■ WHAT YOU WILL DO
In the data below, how many lines include the word "STEP"? Give only the number.

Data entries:
================
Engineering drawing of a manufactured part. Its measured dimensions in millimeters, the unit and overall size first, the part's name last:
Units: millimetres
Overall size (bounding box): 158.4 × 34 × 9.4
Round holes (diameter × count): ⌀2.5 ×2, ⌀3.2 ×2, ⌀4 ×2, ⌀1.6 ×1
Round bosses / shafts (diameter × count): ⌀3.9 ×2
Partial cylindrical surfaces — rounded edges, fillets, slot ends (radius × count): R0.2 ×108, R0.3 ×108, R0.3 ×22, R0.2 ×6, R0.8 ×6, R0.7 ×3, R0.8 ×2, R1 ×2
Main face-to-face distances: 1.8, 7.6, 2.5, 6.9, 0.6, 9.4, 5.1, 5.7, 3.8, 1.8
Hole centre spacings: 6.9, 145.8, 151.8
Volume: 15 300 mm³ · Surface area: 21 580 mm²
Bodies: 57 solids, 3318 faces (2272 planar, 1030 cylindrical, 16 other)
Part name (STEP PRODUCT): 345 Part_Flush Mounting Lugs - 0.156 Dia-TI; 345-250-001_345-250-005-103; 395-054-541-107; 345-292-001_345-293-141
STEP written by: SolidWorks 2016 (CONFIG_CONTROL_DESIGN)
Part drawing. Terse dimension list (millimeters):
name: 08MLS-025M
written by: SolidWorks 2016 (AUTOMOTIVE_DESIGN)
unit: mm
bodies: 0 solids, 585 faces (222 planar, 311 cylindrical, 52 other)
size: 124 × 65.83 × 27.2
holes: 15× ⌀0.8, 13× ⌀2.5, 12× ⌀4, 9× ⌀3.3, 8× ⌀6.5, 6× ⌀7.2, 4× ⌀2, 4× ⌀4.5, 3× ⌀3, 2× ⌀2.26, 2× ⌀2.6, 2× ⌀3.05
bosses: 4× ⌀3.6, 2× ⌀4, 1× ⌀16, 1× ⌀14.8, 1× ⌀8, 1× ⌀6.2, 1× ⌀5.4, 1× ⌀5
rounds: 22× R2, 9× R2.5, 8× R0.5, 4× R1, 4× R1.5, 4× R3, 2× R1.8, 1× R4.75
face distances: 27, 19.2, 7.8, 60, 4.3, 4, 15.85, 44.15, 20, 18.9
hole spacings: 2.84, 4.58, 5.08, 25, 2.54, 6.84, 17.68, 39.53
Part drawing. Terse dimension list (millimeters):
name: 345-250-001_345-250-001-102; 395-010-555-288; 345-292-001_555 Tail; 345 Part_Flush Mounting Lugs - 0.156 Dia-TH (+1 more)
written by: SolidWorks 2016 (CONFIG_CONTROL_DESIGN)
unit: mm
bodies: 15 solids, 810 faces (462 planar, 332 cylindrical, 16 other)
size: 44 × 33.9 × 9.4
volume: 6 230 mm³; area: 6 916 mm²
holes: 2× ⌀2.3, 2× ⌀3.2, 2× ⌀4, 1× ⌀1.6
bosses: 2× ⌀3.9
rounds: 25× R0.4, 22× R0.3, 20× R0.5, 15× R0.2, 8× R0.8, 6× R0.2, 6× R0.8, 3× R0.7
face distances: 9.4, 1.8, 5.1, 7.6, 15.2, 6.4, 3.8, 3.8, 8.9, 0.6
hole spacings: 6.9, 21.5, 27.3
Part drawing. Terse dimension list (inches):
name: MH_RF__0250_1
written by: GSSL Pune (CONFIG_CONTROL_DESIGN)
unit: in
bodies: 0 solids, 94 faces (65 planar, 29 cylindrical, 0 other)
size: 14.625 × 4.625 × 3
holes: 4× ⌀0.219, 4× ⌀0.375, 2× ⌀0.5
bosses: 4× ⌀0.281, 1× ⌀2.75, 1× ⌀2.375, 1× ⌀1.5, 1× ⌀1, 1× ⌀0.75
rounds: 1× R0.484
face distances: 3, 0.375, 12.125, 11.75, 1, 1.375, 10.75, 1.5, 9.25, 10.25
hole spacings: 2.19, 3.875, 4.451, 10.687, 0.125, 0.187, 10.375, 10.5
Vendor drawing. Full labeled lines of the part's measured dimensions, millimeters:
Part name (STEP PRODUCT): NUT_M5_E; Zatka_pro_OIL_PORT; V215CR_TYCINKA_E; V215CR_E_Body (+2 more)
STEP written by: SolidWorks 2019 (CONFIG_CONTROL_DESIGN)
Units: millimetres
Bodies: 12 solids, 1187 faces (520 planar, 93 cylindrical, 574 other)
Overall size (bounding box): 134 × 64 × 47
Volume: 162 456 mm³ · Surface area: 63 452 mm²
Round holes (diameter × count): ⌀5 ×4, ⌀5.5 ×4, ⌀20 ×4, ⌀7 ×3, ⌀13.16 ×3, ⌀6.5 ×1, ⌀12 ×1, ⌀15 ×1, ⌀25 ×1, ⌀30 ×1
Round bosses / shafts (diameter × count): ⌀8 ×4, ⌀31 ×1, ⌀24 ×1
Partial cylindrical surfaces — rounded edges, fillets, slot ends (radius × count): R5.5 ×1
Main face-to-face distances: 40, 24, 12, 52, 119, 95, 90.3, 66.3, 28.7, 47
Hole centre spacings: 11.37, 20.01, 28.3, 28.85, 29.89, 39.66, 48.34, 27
================
■ WRITTEN SOLUTION
4